Menumbuhkan kewirausahaan
A
A
A
JIKA kita simak belakangan, ada kecenderungan sulitnya mengurangi anak muda yang berpendidikan menengah yang menganggur di Indonesia. Total angka pengangguran terbuka bisa ditekan dari sekitar 10,1% tahun 2007 menjadi 6,2% tahun 2012.
Namun, angka pengangguran usia muda 15–19 tahun masih pada rentang tinggi, yakni 30,1% pada 2007sedikit menurun menjadi 26,5%. Angka pengangguran pendidikan tinggi (sarjana dan diploma) dari 13,3% pada 2007 bisa ditekan menjadi 6,2%.
Tersisa persoalan, angka pengangguran yang cukup serius dihadapi adalah pada kalangan berpendidikan menengah (umum dan vokasional). Di mana angkanya masih pada kisaran 10,0%, dan jumlahnya berkisar 6 juta orang. Banyak diskusi yang menjelaskan kenapa sampai terjadi pengangguran anak muda dan berpendidikan menengah.
Ada kelompok yang percaya bahwa terjadinya selektivitas permintaan tenaga kerja. Pada negara di mana tersedia upah murah, maka permintaan tenaga kerja berketerampilan rendah akan mengisi pasar kerja. Terjadinya proses tekan menekan ”depressing effect” di pasar kerja. Mereka yang menamatkan pendidikan sarjana mau masuk ke pekerjaan yang ditawarkan pada jenjang pendidikan menengah. Pekerjaan untuk mereka yang tidak terdidik masih dimasuki oleh pekerja yang berpendidikan menengah.

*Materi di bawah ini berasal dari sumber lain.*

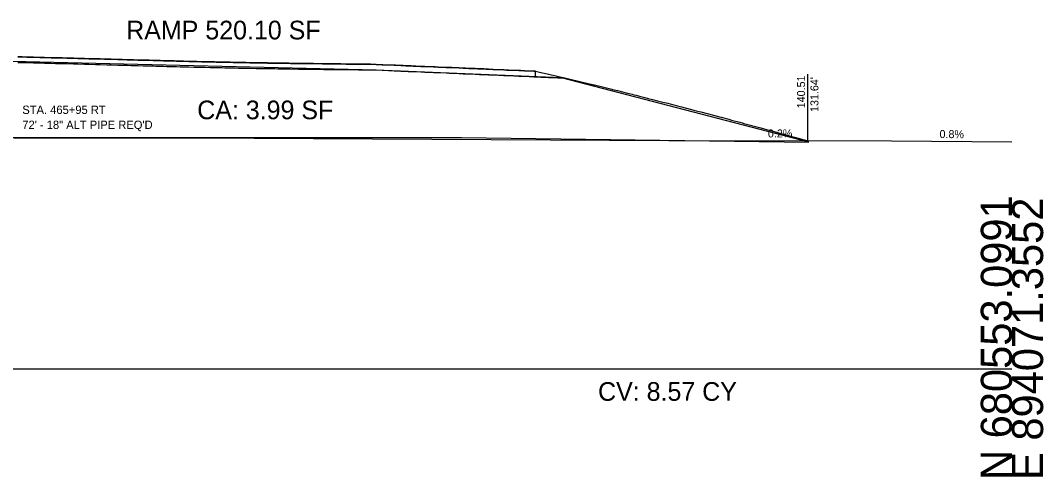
# Model space of a CAD drawing. Extents: x -26 to 4303, y -13 to 10775.
# Drawn here: x 1210.8 to 1302.8, y 4490.3 to 4531.3 of the extents above; entities that cross this region are included whole.
import ezdxf

# ---------------------------------------------------------------- set-up
doc = ezdxf.new("R2010")
doc.units = 0
for name, color, linetype in [('CONST_LV3', 7, 'Continuous'), ('DTM_P_FINISHED_GRADE', 7, 'Continuous'), ('DTM_X_GROUND', 7, 'Continuous'), ('X_PROFILES_1', 7, 'Continuous'), ('XS_CELL', 7, 'Continuous'), ('XS_M_SHAPES_EARTHWORK', 7, 'Continuous'), ('XS_P_DR_GRAVEL', 7, 'Continuous'), ('XS_P_DRAINAGE', 7, 'Continuous'), ('XS_P_GROUND', 7, 'Continuous'), ('XS_P_TX_CLEARZONE', 7, 'Continuous'), ('XS_P_TX_FS_BS', 7, 'Continuous'), ('XS_SHEET_EW_TX_AREA', 7, 'Continuous'), ('XS_SHEET_EW_TX_VOLUME', 7, 'Continuous')]:
    doc.layers.add(name, color=color, linetype=linetype)

msp = doc.modelspace()

# ---------------------------------------------------------------- linework, layer by layer
at = {"layer": 'CONST_LV3'}
msp.add_lwpolyline([(1210.596, 4528.067), (1211, 4528.057), (1211.404, 4528.046), (1212, 4528.03), (1212.596, 4528.014), (1213, 4528.004), (1213.596, 4527.988), (1214, 4527.977), (1214.404, 4527.966), (1215, 4527.95), (1215.597, 4527.935), (1216, 4527.924), (1216.597, 4527.908), (1217, 4527.897), (1217.403, 4527.887), (1218, 4527.871), (1218.403, 4527.86), (1219, 4527.844), (1219.597, 4527.828), (1220, 4527.818), (1220.449, 4527.805), (1220.755, 4527.797), (1220.76, 4527.797), (1220.863, 4527.794), (1220.959, 4527.791), (1221, 4527.789), (1221.403, 4527.779), (1221.882, 4527.765), (1222, 4527.761), (1222.406, 4527.751), (1222.787, 4527.74), (1222.999, 4527.733), (1223.41, 4527.723), (1223.694, 4527.715), (1223.997, 4527.707), (1224.416, 4527.697), (1224.65, 4527.691), (1224.994, 4527.681), (1225.423, 4527.671), (1225.516, 4527.668), (1225.735, 4527.663), (1226.208, 4527.652), (1226.431, 4527.647), (1226.708, 4527.639), (1227.165, 4527.629), (1227.352, 4527.624), (1227.438, 4527.621), (1227.913, 4527.612), (1228.278, 4527.603), (1228.446, 4527.599), (1228.941, 4527.59), (1229.211, 4527.583), (1229.452, 4527.578), (1229.971, 4527.568), (1230.15, 4527.564), (1230.419, 4527.559), (1230.726, 4527.553), (1231.002, 4527.548), (1231.096, 4527.546), (1231.459, 4527.539), (1232.033, 4527.529), (1232.052, 4527.528), (1232.25, 4527.524), (1232.858, 4527.515), (1233.049, 4527.511), (1233.065, 4527.509), (1233.712, 4527.5), (1233.992, 4527.495), (1234.096, 4527.493), (1234.782, 4527.483), (1234.979, 4527.48), (1235.338, 4527.475), (1235.483, 4527.473), (1235.854, 4527.468), (1235.978, 4527.466), (1236.156, 4527.463), (1236.927, 4527.454), (1236.991, 4527.453), (1237.184, 4527.45), (1238, 4527.441), (1238.036, 4527.44), (1238.107, 4527.439), (1238.989, 4527.43), (1239.061, 4527.429), (1239.075, 4527.428), (1240.031, 4527.42), (1240.121, 4527.419), (1240.148, 4527.418), (1240.642, 4527.414), (1240.7, 4527.414), (1241.204, 4527.41), (1241.221, 4527.409), (1242.167, 4527.402), (1242.294, 4527.397), (1242.297, 4527.397), (1242.298, 4527.397), (1242.301, 4527.397), (1243.364, 4527.353), (1243.416, 4527.351), (1243.438, 4527.35), (1244.433, 4527.309), (1244.558, 4527.304), (1244.576, 4527.303), (1245.5, 4527.264), (1245.715, 4527.255), (1245.724, 4527.255), (1246.164, 4527.236), (1246.423, 4527.226), (1246.853, 4527.207), (1246.915, 4527.205), (1247.013, 4527.201), (1247.186, 4527.194), (1247.991, 4527.159), (1248.135, 4527.154), (1248.413, 4527.143), (1249.128, 4527.111), (1249.384, 4527.101), (1249.641, 4527.091), (1250.264, 4527.063), (1250.665, 4527.047), (1250.872, 4527.039), (1251.398, 4527.015), (1251.981, 4526.991), (1252.103, 4526.987), (1252.326, 4526.977), (1252.719, 4526.96), (1252.915, 4526.951), (1253.333, 4526.933), (1254.298, 4526.891), (1254.566, 4526.879), (1254.725, 4526.874), (1255.655, 4526.833), (1255.797, 4526.827), (1256.159, 4526.812), (1257.015, 4526.775), (1257.028, 4526.775), (1257.154, 4526.769)], dxfattribs=at)
at = {"layer": 'DTM_P_FINISHED_GRADE'}
msp.add_lwpolyline([(1210.597, 4528.067), (1211, 4528.057), (1211.002, 4528.057), (1211.597, 4528.041), (1212, 4528.03), (1212.002, 4528.03), (1212.598, 4528.014), (1213, 4528.004), (1213.002, 4528.003), (1213.598, 4527.988), (1214, 4527.977), (1214.002, 4527.977), (1214.598, 4527.961), (1215, 4527.95), (1215.002, 4527.95), (1215.598, 4527.934), (1216, 4527.924), (1216.002, 4527.924), (1216.598, 4527.908), (1217, 4527.897), (1217.002, 4527.897), (1217.599, 4527.881), (1218, 4527.871), (1218.002, 4527.871), (1218.599, 4527.855), (1219, 4527.844), (1219.002, 4527.844), (1219.599, 4527.828), (1220, 4527.818), (1220.002, 4527.818), (1220.45, 4527.805), (1220.755, 4527.797), (1220.76, 4527.797), (1220.863, 4527.794), (1220.959, 4527.791), (1220.961, 4527.791), (1221.002, 4527.789), (1221.403, 4527.779), (1221.882, 4527.765), (1221.883, 4527.765), (1222.001, 4527.761), (1222.406, 4527.751), (1222.787, 4527.74), (1222.789, 4527.74), (1223.001, 4527.733), (1223.41, 4527.723), (1223.694, 4527.715), (1223.696, 4527.715), (1223.999, 4527.707), (1224.416, 4527.697), (1224.65, 4527.691), (1224.651, 4527.691), (1224.864, 4527.687), (1225.209, 4527.676), (1225.423, 4527.671), (1225.516, 4527.668), (1225.517, 4527.668), (1225.99, 4527.657), (1226.431, 4527.647), (1226.433, 4527.647), (1226.71, 4527.639), (1227.165, 4527.629), (1227.352, 4527.624), (1227.354, 4527.624), (1227.44, 4527.621), (1227.913, 4527.612), (1228.278, 4527.603), (1228.28, 4527.603), (1228.447, 4527.599), (1228.941, 4527.59), (1229.211, 4527.583), (1229.212, 4527.583), (1229.469, 4527.578), (1229.71, 4527.573), (1229.971, 4527.568), (1230.15, 4527.564), (1230.152, 4527.564), (1230.458, 4527.558), (1231.002, 4527.548), (1231.096, 4527.546), (1231.099, 4527.545), (1231.461, 4527.539), (1232.033, 4527.529), (1232.052, 4527.528), (1232.054, 4527.528), (1232.252, 4527.524), (1232.858, 4527.515), (1233.05, 4527.511), (1233.052, 4527.511), (1233.067, 4527.509), (1233.712, 4527.5), (1233.992, 4527.495), (1233.995, 4527.495), (1234.099, 4527.493), (1234.435, 4527.488), (1234.636, 4527.485), (1234.979, 4527.48), (1234.982, 4527.48), (1235.129, 4527.477), (1235.854, 4527.468), (1235.978, 4527.466), (1235.981, 4527.466), (1236.159, 4527.463), (1236.927, 4527.454), (1236.991, 4527.453), (1236.994, 4527.452), (1237.187, 4527.45), (1238.001, 4527.441), (1238.036, 4527.44), (1238.039, 4527.44), (1238.111, 4527.439), (1238.989, 4527.43), (1239.061, 4527.429), (1239.065, 4527.429), (1239.078, 4527.428), (1239.544, 4527.424), (1239.651, 4527.423), (1240.121, 4527.419), (1240.125, 4527.419), (1240.152, 4527.418), (1241.165, 4527.41), (1241.204, 4527.41), (1241.208, 4527.41), (1241.225, 4527.409), (1242.167, 4527.402), (1242.294, 4527.397), (1242.297, 4527.397), (1242.298, 4527.397), (1242.302, 4527.397), (1242.305, 4527.397), (1243.364, 4527.353), (1243.417, 4527.351), (1243.42, 4527.351), (1243.442, 4527.35), (1244.433, 4527.309), (1244.558, 4527.304), (1244.562, 4527.303), (1244.58, 4527.303), (1245.057, 4527.283), (1245.248, 4527.275), (1245.715, 4527.255), (1245.724, 4527.255), (1245.727, 4527.255), (1245.965, 4527.245), (1246.853, 4527.207), (1246.915, 4527.205), (1246.919, 4527.205), (1247.017, 4527.201), (1247.189, 4527.194), (1247.991, 4527.159), (1248.135, 4527.154), (1248.138, 4527.154), (1248.416, 4527.142), (1249.128, 4527.111), (1249.384, 4527.101), (1249.387, 4527.101), (1249.644, 4527.091), (1250.264, 4527.063), (1250.665, 4527.047), (1250.668, 4527.047), (1250.874, 4527.039), (1251.148, 4527.027), (1251.738, 4527.002), (1251.981, 4526.991), (1251.983, 4526.991), (1252.105, 4526.987), (1252.505, 4526.97), (1252.915, 4526.951), (1253.333, 4526.933), (1253.335, 4526.933), (1254.299, 4526.891), (1254.566, 4526.879), (1254.725, 4526.874), (1254.726, 4526.874), (1255.655, 4526.833), (1255.797, 4526.827), (1256.159, 4526.812), (1256.159, 4526.812), (1257.015, 4526.775), (1257.028, 4526.775), (1257.154, 4526.769)], dxfattribs=at)
at = {"layer": 'DTM_X_GROUND'}
msp.add_lwpolyline([(1000, 4527.047), (1012.653, 4521.36), (1015.589, 4520.9), (1030.406, 4519.586), (1040.857, 4518.334), (1059.518, 4517.394), (1100.052, 4515.401), (1117.74, 4513.76), (1122.892, 4513.417), (1126.763, 4513.627), (1141.699, 4515.779), (1144.696, 4517.139), (1149.906, 4516.828), (1149.956, 4516.833), (1176.709, 4519.611), (1183.124, 4519.79), (1194.202, 4520.766), (1195.632, 4520.835), (1210.279, 4520.767), (1231.863, 4520.749), (1269.14, 4520.527), (1289.173, 4520.495), (1300, 4520.407)], dxfattribs=at)
at = {"layer": 'XS_CELL'}
msp.add_line((1150, 4500), (1300, 4500), dxfattribs=at)
at = {"layer": 'XS_P_DR_GRAVEL'}
for points in [[(1210.597, 4527.567), (1211, 4527.557), (1211.002, 4527.557), (1211.597, 4527.541), (1212, 4527.53), (1212.002, 4527.53), (1212.598, 4527.514), (1213, 4527.504), (1213.002, 4527.503), (1213.598, 4527.488), (1214, 4527.477), (1214.002, 4527.477), (1214.598, 4527.461), (1215, 4527.45), (1215.002, 4527.45), (1215.598, 4527.434), (1216, 4527.424), (1216.002, 4527.424), (1216.598, 4527.408), (1217, 4527.397), (1217.002, 4527.397), (1217.599, 4527.381), (1218, 4527.371), (1218.002, 4527.371), (1218.599, 4527.355), (1219, 4527.344), (1219.002, 4527.344), (1219.599, 4527.328), (1220, 4527.318), (1220.002, 4527.318), (1220.45, 4527.305), (1220.755, 4527.297), (1220.76, 4527.297), (1220.863, 4527.294), (1220.959, 4527.291), (1220.961, 4527.291), (1221.002, 4527.289), (1221.403, 4527.279), (1221.882, 4527.265), (1221.883, 4527.265), (1222.001, 4527.261), (1222.406, 4527.251), (1222.787, 4527.24), (1222.789, 4527.24), (1223.001, 4527.233), (1223.41, 4527.223), (1223.694, 4527.215), (1223.696, 4527.215), (1223.999, 4527.207), (1224.416, 4527.197), (1224.65, 4527.191), (1224.651, 4527.191), (1224.864, 4527.187), (1225.209, 4527.176), (1225.423, 4527.171), (1225.516, 4527.168), (1225.517, 4527.168), (1225.99, 4527.157), (1226.431, 4527.147), (1226.433, 4527.147), (1226.71, 4527.139), (1227.165, 4527.129), (1227.352, 4527.124), (1227.354, 4527.124), (1227.44, 4527.121), (1227.913, 4527.112), (1228.278, 4527.103), (1228.28, 4527.103), (1228.447, 4527.099), (1228.941, 4527.09), (1229.211, 4527.083), (1229.212, 4527.083), (1229.469, 4527.078), (1229.71, 4527.073), (1229.971, 4527.068), (1230.15, 4527.064), (1230.152, 4527.064), (1230.458, 4527.058), (1231.002, 4527.048), (1231.096, 4527.046), (1231.099, 4527.045), (1231.461, 4527.039), (1232.033, 4527.029), (1232.052, 4527.028), (1232.054, 4527.028), (1232.252, 4527.024), (1232.858, 4527.015), (1233.05, 4527.011), (1233.052, 4527.011), (1233.067, 4527.009), (1233.712, 4527), (1233.992, 4526.995), (1233.995, 4526.995), (1234.099, 4526.993), (1234.435, 4526.988), (1234.636, 4526.985), (1234.979, 4526.98), (1234.982, 4526.98), (1235.129, 4526.977), (1235.854, 4526.968), (1235.978, 4526.966), (1235.981, 4526.966), (1236.159, 4526.963), (1236.927, 4526.954), (1236.991, 4526.953), (1236.994, 4526.952), (1237.187, 4526.95), (1238.001, 4526.941), (1238.036, 4526.94), (1238.039, 4526.94), (1238.111, 4526.939), (1238.989, 4526.93), (1239.061, 4526.929), (1239.065, 4526.929), (1239.078, 4526.928), (1239.544, 4526.924), (1239.651, 4526.923), (1240.121, 4526.919), (1240.125, 4526.919), (1240.152, 4526.918), (1241.165, 4526.91), (1241.204, 4526.91), (1241.208, 4526.91), (1241.225, 4526.909), (1242.167, 4526.902), (1242.294, 4526.897), (1242.297, 4526.897), (1242.298, 4526.897), (1242.302, 4526.897), (1242.305, 4526.897), (1243.364, 4526.853), (1243.417, 4526.851), (1243.42, 4526.851), (1243.442, 4526.85), (1244.433, 4526.809), (1244.558, 4526.804), (1244.562, 4526.803), (1244.58, 4526.803), (1245.057, 4526.783), (1245.248, 4526.775), (1245.715, 4526.755), (1245.724, 4526.755), (1245.727, 4526.755), (1245.965, 4526.745), (1246.853, 4526.707), (1246.915, 4526.705), (1246.919, 4526.705), (1247.017, 4526.701), (1247.189, 4526.694), (1247.991, 4526.659), (1248.135, 4526.654), (1248.138, 4526.654), (1248.416, 4526.642), (1249.128, 4526.611), (1249.384, 4526.601), (1249.387, 4526.601), (1249.644, 4526.591), (1250.264, 4526.563), (1250.665, 4526.547), (1250.668, 4526.547), (1250.874, 4526.539), (1251.148, 4526.527), (1251.738, 4526.502), (1251.981, 4526.491), (1251.983, 4526.491), (1252.105, 4526.487), (1252.505, 4526.47), (1252.915, 4526.451), (1253.333, 4526.433), (1253.335, 4526.433), (1254.299, 4526.391), (1254.566, 4526.379), (1254.725, 4526.374), (1254.726, 4526.374), (1255.655, 4526.333), (1255.797, 4526.327), (1256.159, 4526.312), (1256.159, 4526.312), (1257.015, 4526.275), (1257.028, 4526.275), (1257.154, 4526.269), (1257.154, 4526.769), (1257.028, 4526.775), (1257.015, 4526.775), (1256.159, 4526.812), (1256.159, 4526.812), (1255.797, 4526.827), (1255.655, 4526.833), (1254.726, 4526.874), (1254.725, 4526.874), (1254.566, 4526.879), (1254.299, 4526.891), (1253.335, 4526.933), (1253.333, 4526.933), (1252.915, 4526.951), (1252.505, 4526.97), (1252.105, 4526.987), (1251.983, 4526.991), (1251.981, 4526.991), (1251.738, 4527.002), (1251.148, 4527.027), (1250.874, 4527.039), (1250.668, 4527.047), (1250.665, 4527.047), (1250.264, 4527.063), (1249.644, 4527.091), (1249.387, 4527.101), (1249.384, 4527.101), (1249.128, 4527.111), (1248.416, 4527.142), (1248.138, 4527.154), (1248.135, 4527.154), (1247.991, 4527.159), (1247.189, 4527.194), (1247.017, 4527.201), (1246.919, 4527.205), (1246.915, 4527.205), (1246.853, 4527.207), (1245.965, 4527.245), (1245.727, 4527.255), (1245.724, 4527.255), (1245.715, 4527.255), (1245.248, 4527.275), (1245.057, 4527.283), (1244.58, 4527.303), (1244.562, 4527.303), (1244.558, 4527.304), (1244.433, 4527.309), (1243.442, 4527.35), (1243.42, 4527.351), (1243.417, 4527.351), (1243.364, 4527.353), (1242.305, 4527.397), (1242.302, 4527.397), (1242.298, 4527.397), (1242.297, 4527.397), (1242.294, 4527.397), (1242.167, 4527.402), (1241.225, 4527.409), (1241.208, 4527.41), (1241.204, 4527.41), (1241.165, 4527.41), (1240.152, 4527.418), (1240.125, 4527.419), (1240.121, 4527.419), (1239.651, 4527.423), (1239.544, 4527.424), (1239.078, 4527.428), (1239.065, 4527.429), (1239.061, 4527.429), (1238.989, 4527.43), (1238.111, 4527.439), (1238.039, 4527.44), (1238.036, 4527.44), (1238.001, 4527.441), (1237.187, 4527.45), (1236.994, 4527.452), (1236.991, 4527.453), (1236.927, 4527.454), (1236.159, 4527.463), (1235.981, 4527.466), (1235.978, 4527.466), (1235.854, 4527.468), (1235.129, 4527.477), (1234.982, 4527.48), (1234.979, 4527.48), (1234.636, 4527.485), (1234.435, 4527.488), (1234.099, 4527.493), (1233.995, 4527.495), (1233.992, 4527.495), (1233.712, 4527.5), (1233.067, 4527.509), (1233.052, 4527.511), (1233.05, 4527.511), (1232.858, 4527.515), (1232.252, 4527.524), (1232.054, 4527.528), (1232.052, 4527.528), (1232.033, 4527.529), (1231.461, 4527.539), (1231.099, 4527.545), (1231.096, 4527.546), (1231.002, 4527.548), (1230.458, 4527.558), (1230.152, 4527.564), (1230.15, 4527.564), (1229.971, 4527.568), (1229.71, 4527.573), (1229.469, 4527.578), (1229.212, 4527.583), (1229.211, 4527.583), (1228.941, 4527.59), (1228.447, 4527.599), (1228.28, 4527.603), (1228.278, 4527.603), (1227.913, 4527.612), (1227.44, 4527.621), (1227.354, 4527.624), (1227.352, 4527.624), (1227.165, 4527.629), (1226.71, 4527.639), (1226.433, 4527.647), (1226.431, 4527.647), (1225.99, 4527.657), (1225.517, 4527.668), (1225.516, 4527.668), (1225.423, 4527.671), (1225.209, 4527.676), (1224.864, 4527.687), (1224.651, 4527.691), (1224.65, 4527.691), (1224.416, 4527.697), (1223.999, 4527.707), (1223.696, 4527.715), (1223.694, 4527.715), (1223.41, 4527.723), (1223.001, 4527.733), (1222.789, 4527.74), (1222.787, 4527.74), (1222.406, 4527.751), (1222.001, 4527.761), (1221.883, 4527.765), (1221.882, 4527.765), (1221.403, 4527.779), (1221.002, 4527.789), (1220.961, 4527.791), (1220.959, 4527.791), (1220.863, 4527.794), (1220.76, 4527.797), (1220.755, 4527.797), (1220.45, 4527.805), (1220.002, 4527.818), (1220, 4527.818), (1219.599, 4527.828), (1219.002, 4527.844), (1219, 4527.844), (1218.599, 4527.855), (1218.002, 4527.871), (1218, 4527.871), (1217.599, 4527.881), (1217.002, 4527.897), (1217, 4527.897), (1216.598, 4527.908), (1216.002, 4527.924), (1216, 4527.924), (1215.598, 4527.934), (1215.002, 4527.95), (1215, 4527.95), (1214.598, 4527.961), (1214.002, 4527.977), (1214, 4527.977), (1213.598, 4527.988), (1213.002, 4528.003), (1213, 4528.004), (1212.598, 4528.014), (1212.002, 4528.03), (1212, 4528.03), (1211.597, 4528.041), (1211.002, 4528.057), (1211, 4528.057), (1210.597, 4528.067)], [(1257.154, 4526.269), (1257.639, 4526.249), (1258.32, 4526.22), (1258.982, 4526.191), (1259.167, 4526.183), (1259.654, 4526.163), (1259.818, 4526.156)]]:
    msp.add_lwpolyline(points, dxfattribs=at)
at = {"layer": 'XS_P_GROUND'}
msp.add_lwpolyline([(1257.154, 4526.769), (1257.639, 4526.66), (1257.654, 4526.656), (1258.32, 4526.504), (1258.355, 4526.496), (1258.982, 4526.351), (1258.997, 4526.347), (1259.167, 4526.308), (1259.212, 4526.298), (1259.654, 4526.195), (1259.781, 4526.165), (1260.749, 4525.936), (1260.794, 4525.926), (1261.029, 4525.871), (1261.275, 4525.813), (1262.387, 4525.544), (1262.432, 4525.534), (1262.446, 4525.531), (1262.809, 4525.443), (1263.91, 4525.172), (1264.033, 4525.143), (1264.086, 4525.13), (1264.516, 4525.025), (1265.422, 4524.799), (1265.581, 4524.76), (1265.852, 4524.693), (1265.985, 4524.66), (1266.197, 4524.606), (1266.519, 4524.526), (1266.986, 4524.407), (1267.297, 4524.33), (1267.69, 4524.23), (1268.125, 4524.12), (1268.607, 4523.996), (1269.05, 4523.882), (1269.47, 4523.772), (1269.919, 4523.658), (1270.287, 4523.564), (1271.072, 4523.36), (1271.605, 4523.22), (1271.874, 4523.15), (1272.033, 4523.109), (1273.162, 4522.811), (1273.697, 4522.668), (1273.741, 4522.657), (1273.848, 4522.629), (1274.534, 4522.446), (1274.782, 4522.378), (1275.52, 4522.18), (1275.737, 4522.12), (1275.77, 4522.112), (1275.888, 4522.081), (1277.424, 4521.665), (1277.708, 4521.587), (1278.128, 4521.474), (1278.19, 4521.457), (1279.651, 4521.056), (1279.765, 4521.025), (1280.41, 4520.846), (1280.44, 4520.837), (1281.637, 4520.507)], dxfattribs=at)
at = {"layer": 'XS_P_TX_CLEARZONE'}
msp.add_line((1281.637, 4520.507), (1281.637, 4526.507), dxfattribs=at)
msp.add_line((1281.637, 4520.507), (1281.637, 4526.507), dxfattribs=at)
msp.add_line((1281.637, 4520.507), (1281.637, 4526.507), dxfattribs=at)
at = {"layer": 'XS_SHEET_EW_TX_AREA'}
msp.add_lwpolyline([(1175.807, 4528.507), (1180, 4527.447), (1199.895, 4520.821), (1250.502, 4520.821), (1281.73, 4520.394), (1259.496, 4526.178), (1242.835, 4526.875), (1182.296, 4528.319)], close=True, dxfattribs=at)

# ---------------------------------------------------------------- texts
at = {"layer": 'X_PROFILES_1'}
msp.add_text('X', height=0.12, dxfattribs=at).set_placement((1281.598, 4520.447))
at = {"layer": 'XS_CELL'}
for s, p in [('N 680553.0991', (1300, 4490)), ('E 894071.3552', (1302.8, 4490))]:
    msp.add_text(s, height=2.8, rotation=90, dxfattribs=at).set_placement(p)
at = {"layer": 'XS_M_SHAPES_EARTHWORK'}
msp.add_text('CV: 8.57 CY', height=1.68, dxfattribs=at).set_placement((1262.78, 4497.12))
at = {"layer": 'XS_P_DRAINAGE'}
for s, p in [('STA. 465+95 RT', (1211.006, 4522.926)), ('72\' - 18" ALT PIPE REQ\'D', (1211.006, 4521.576))]:
    msp.add_text(s, height=0.75, dxfattribs=at).set_placement(p)
at = {"layer": 'XS_P_TX_CLEARZONE'}
for s, p in [('140.51', (1281.397, 4523.436)), ('140.51', (1281.397, 4523.436)), ('140.51', (1281.397, 4523.436)), ("131.64'", (1282.597, 4523.107)), ("131.64'", (1282.597, 4523.107)), ("131.64'", (1282.597, 4523.107))]:
    msp.add_text(s, height=0.72, rotation=90, dxfattribs=at).set_placement(p)
at = {"layer": 'XS_P_TX_FS_BS'}
for s, rotation, p in [('0.2%', 359.90873, (1278.055, 4520.813)), ('0.8%', 359.53485, (1293.487, 4520.76))]:
    msp.add_text(s, height=0.72, rotation=rotation, dxfattribs=at).set_placement(p)
at = {"layer": 'XS_SHEET_EW_TX_VOLUME'}
for s, p in [('RAMP 520.10 SF', (1220.35, 4529.632)), ('CA: 3.99 SF', (1226.736, 4522.449))]:
    msp.add_text(s, height=1.68, dxfattribs=at).set_placement(p)

doc.saveas('drawing.dxf')

Karena penawaran angkatan kerja semi terdidik cukup besar, sebagian di antaranya mereka tidak terserap pada pasar kerja formal. Tenaga kerja tidak terdidik tidak punya pilihan lain. Selain harga bayangan upah ‘shadow market wage’ yang mereka terima memang relatif rendah, tidak ada pilihan-pilihan pekerjaan dilakukan oleh mereka yang tidak terdidik. Kondisi internal memaksa kelompok ini wajib bekerja, walaupun juga ada kecenderungan mereka bekerja di atas jam kerja normal, dan memiliki lebih dari satu jenis pekerjaan serabutan.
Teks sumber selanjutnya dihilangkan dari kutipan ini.